**Stored items:**
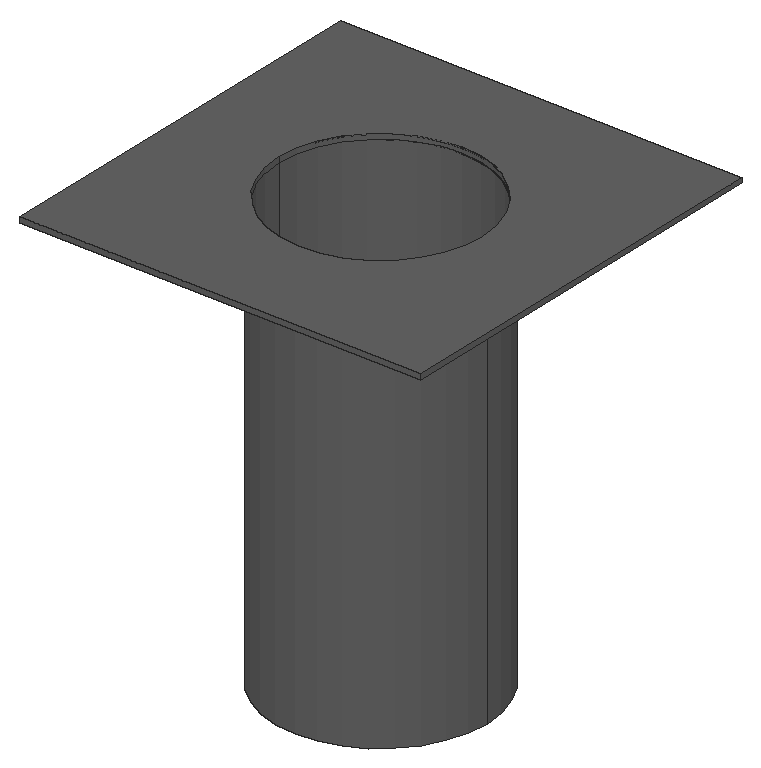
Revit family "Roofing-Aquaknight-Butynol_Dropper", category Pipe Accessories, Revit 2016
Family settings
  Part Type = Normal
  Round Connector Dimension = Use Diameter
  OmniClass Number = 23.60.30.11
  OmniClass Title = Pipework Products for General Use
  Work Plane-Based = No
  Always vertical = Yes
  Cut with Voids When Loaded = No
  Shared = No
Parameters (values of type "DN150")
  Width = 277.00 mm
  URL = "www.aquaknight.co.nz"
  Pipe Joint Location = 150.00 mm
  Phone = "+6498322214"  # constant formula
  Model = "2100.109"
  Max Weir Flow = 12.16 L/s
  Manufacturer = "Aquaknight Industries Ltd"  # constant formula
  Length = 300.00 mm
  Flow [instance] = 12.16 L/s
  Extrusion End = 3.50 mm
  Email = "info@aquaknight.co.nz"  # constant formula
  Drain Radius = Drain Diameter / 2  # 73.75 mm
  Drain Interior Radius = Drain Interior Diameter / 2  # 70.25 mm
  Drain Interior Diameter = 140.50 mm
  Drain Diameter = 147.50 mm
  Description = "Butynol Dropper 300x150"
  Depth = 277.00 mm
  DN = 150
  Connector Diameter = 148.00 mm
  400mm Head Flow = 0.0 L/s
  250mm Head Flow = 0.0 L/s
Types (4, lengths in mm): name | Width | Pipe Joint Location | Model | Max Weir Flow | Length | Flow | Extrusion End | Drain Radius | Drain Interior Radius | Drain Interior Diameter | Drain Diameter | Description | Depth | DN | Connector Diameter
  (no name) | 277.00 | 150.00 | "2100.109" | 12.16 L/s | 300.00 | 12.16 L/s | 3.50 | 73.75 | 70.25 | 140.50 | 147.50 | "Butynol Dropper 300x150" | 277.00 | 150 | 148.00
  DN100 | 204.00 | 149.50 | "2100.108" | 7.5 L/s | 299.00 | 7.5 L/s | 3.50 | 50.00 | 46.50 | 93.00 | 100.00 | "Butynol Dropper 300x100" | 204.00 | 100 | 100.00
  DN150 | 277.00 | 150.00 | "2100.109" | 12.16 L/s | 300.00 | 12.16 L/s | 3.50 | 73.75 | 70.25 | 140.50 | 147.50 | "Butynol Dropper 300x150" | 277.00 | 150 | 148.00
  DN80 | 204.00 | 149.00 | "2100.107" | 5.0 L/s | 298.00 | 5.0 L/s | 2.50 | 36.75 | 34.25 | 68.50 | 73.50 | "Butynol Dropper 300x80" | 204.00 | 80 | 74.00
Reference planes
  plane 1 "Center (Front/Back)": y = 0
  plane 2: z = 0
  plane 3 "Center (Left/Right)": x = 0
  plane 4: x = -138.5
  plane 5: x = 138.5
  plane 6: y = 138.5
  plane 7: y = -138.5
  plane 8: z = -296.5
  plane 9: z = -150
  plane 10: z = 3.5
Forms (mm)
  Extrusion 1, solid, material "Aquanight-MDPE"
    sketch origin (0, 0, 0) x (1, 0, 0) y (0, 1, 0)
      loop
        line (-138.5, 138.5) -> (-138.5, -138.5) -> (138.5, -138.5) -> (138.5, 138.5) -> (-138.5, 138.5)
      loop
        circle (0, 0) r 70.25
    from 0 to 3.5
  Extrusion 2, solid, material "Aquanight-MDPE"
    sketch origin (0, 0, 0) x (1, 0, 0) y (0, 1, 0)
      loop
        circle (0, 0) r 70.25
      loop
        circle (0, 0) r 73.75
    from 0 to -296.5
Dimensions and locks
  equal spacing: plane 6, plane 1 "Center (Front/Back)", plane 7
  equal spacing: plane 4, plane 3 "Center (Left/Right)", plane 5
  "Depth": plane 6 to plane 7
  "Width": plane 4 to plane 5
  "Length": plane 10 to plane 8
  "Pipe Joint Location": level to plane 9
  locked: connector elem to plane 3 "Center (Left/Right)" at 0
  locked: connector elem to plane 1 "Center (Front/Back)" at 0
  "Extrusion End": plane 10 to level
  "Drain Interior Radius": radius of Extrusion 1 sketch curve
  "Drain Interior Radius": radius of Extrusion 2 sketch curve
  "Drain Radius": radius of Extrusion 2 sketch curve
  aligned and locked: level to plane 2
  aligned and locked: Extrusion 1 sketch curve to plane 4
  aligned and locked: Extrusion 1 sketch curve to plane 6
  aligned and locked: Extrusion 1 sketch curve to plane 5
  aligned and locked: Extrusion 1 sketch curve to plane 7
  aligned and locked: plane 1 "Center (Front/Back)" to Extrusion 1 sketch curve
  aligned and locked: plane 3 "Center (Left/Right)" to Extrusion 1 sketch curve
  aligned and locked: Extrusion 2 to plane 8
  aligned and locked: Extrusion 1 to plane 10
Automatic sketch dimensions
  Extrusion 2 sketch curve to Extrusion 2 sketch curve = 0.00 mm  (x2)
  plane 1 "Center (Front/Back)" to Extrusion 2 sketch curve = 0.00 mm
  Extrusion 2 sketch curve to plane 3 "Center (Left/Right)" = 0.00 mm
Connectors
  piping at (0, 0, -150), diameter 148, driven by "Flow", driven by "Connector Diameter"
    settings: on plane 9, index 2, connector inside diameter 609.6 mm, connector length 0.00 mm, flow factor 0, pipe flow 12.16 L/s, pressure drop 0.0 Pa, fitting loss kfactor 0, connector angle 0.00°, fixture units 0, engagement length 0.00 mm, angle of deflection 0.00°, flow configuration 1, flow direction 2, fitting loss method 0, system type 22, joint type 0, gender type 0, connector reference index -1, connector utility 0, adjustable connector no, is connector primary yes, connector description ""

**What the task asks:**
Where the word "settings" shows up in a line of the entries above, count that line; the answer is the total alone.

**Written solution:**
2